#### [TASK DETAILS]
Determine how many lines in the records below include the word "linetype" and output that number alone.

Stored entries
((

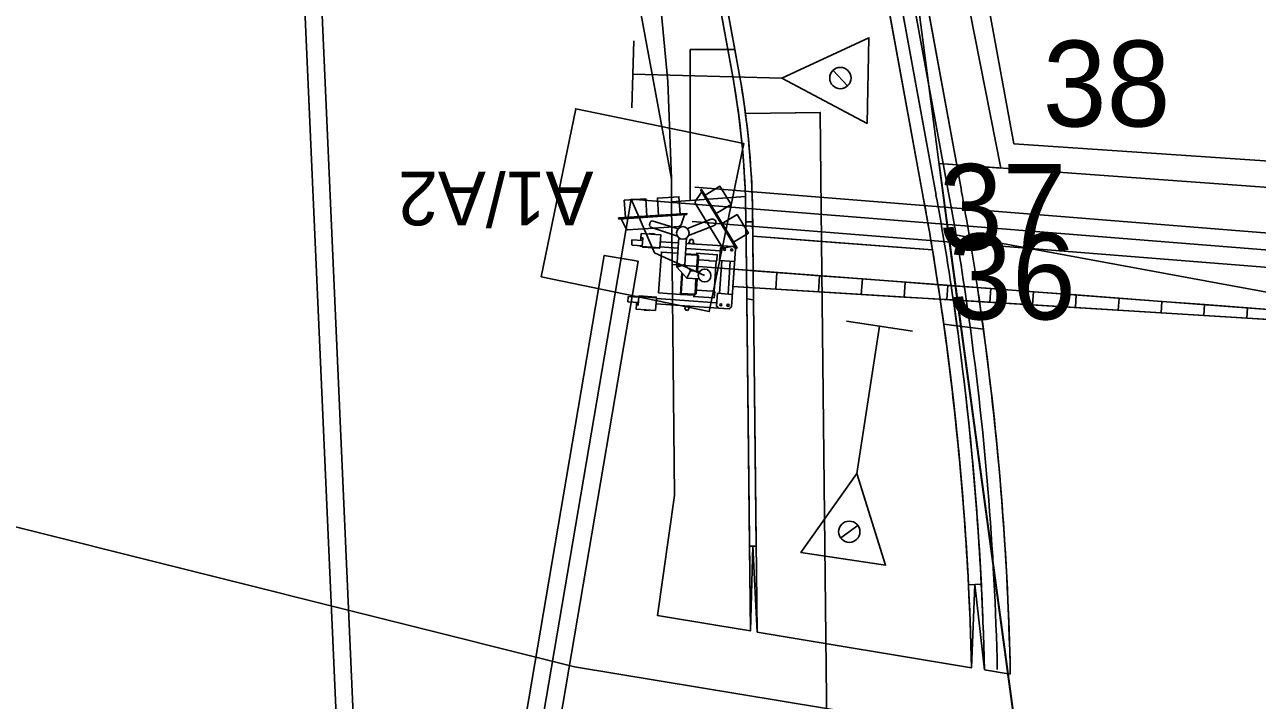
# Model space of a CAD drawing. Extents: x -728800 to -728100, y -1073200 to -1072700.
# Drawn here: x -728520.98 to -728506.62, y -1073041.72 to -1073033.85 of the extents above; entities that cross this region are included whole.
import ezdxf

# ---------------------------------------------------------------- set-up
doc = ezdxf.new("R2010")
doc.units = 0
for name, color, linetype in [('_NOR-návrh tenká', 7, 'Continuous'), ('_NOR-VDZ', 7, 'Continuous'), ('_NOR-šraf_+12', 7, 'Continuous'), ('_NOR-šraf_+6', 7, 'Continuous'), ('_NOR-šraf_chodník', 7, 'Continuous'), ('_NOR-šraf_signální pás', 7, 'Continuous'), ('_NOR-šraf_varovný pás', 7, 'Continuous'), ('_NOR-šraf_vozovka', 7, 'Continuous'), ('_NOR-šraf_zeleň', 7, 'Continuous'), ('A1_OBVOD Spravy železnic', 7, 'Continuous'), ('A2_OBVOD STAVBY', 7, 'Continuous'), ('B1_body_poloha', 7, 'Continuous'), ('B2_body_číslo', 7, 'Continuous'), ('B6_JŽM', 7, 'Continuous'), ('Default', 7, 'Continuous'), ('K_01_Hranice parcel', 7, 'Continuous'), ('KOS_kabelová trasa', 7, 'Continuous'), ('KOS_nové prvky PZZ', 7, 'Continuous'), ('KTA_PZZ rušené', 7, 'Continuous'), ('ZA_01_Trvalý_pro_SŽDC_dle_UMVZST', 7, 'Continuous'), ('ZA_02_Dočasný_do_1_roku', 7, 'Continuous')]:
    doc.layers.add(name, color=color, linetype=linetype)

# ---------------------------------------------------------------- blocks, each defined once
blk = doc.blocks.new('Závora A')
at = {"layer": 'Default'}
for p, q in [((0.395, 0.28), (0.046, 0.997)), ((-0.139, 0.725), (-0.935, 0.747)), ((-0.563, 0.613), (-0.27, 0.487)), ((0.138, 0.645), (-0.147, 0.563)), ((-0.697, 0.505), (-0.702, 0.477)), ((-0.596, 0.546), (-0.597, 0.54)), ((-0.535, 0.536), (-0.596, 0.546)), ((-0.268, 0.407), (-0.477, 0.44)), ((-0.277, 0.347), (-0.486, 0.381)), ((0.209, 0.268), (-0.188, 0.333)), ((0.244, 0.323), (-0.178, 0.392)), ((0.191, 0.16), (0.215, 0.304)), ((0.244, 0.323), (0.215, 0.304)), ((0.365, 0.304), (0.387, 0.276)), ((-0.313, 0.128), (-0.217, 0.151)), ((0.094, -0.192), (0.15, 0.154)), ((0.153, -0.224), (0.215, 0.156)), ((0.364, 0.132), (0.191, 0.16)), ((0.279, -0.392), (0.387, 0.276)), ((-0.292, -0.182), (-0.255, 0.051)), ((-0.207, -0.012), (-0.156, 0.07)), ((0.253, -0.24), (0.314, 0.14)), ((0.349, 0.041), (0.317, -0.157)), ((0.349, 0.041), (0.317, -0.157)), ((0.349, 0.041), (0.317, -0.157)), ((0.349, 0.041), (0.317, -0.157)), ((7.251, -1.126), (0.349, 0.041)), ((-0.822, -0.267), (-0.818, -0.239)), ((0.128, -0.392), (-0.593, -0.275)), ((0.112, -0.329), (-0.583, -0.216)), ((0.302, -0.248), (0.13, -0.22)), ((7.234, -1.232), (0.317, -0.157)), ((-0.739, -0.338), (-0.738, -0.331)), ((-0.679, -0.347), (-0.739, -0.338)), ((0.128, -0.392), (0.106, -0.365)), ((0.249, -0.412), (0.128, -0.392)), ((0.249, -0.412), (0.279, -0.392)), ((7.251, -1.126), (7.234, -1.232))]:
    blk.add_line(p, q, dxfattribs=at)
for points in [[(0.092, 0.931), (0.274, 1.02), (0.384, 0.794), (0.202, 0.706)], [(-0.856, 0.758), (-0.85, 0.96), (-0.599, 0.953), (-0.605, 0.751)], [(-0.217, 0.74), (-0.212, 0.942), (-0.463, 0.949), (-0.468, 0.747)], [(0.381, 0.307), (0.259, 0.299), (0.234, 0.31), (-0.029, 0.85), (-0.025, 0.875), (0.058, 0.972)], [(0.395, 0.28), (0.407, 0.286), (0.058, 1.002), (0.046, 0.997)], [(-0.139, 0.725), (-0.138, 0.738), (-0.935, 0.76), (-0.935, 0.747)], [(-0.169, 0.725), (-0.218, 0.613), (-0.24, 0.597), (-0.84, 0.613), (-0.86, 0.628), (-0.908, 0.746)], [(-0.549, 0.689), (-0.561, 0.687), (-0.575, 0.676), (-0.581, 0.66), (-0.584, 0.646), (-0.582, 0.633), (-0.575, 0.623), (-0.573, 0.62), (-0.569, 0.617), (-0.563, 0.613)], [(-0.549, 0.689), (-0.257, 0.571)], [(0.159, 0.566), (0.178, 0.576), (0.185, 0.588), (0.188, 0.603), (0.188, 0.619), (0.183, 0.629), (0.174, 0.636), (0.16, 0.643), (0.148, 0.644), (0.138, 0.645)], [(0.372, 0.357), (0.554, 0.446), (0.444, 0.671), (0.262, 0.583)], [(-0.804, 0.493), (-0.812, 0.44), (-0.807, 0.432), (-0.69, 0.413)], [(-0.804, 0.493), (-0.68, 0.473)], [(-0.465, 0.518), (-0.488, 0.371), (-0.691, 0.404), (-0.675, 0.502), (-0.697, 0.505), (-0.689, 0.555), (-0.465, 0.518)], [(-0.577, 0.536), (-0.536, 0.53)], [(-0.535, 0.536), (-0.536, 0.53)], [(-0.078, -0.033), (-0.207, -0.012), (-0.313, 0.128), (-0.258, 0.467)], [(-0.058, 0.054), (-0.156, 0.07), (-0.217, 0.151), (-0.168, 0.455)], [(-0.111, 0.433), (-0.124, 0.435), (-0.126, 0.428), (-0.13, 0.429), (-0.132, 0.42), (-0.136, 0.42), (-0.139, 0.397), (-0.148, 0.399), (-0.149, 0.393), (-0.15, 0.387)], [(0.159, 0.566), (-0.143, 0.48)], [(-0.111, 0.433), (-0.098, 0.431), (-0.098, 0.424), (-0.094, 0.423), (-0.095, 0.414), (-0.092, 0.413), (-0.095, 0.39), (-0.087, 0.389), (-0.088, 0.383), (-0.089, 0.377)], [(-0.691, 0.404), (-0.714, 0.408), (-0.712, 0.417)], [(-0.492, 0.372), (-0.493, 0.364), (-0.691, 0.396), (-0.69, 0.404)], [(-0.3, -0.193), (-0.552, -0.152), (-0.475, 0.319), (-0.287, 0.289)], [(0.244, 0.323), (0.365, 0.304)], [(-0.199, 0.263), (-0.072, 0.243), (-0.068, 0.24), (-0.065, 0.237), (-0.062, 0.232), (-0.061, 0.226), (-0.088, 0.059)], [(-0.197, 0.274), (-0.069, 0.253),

))

#### [RESPONSE]
2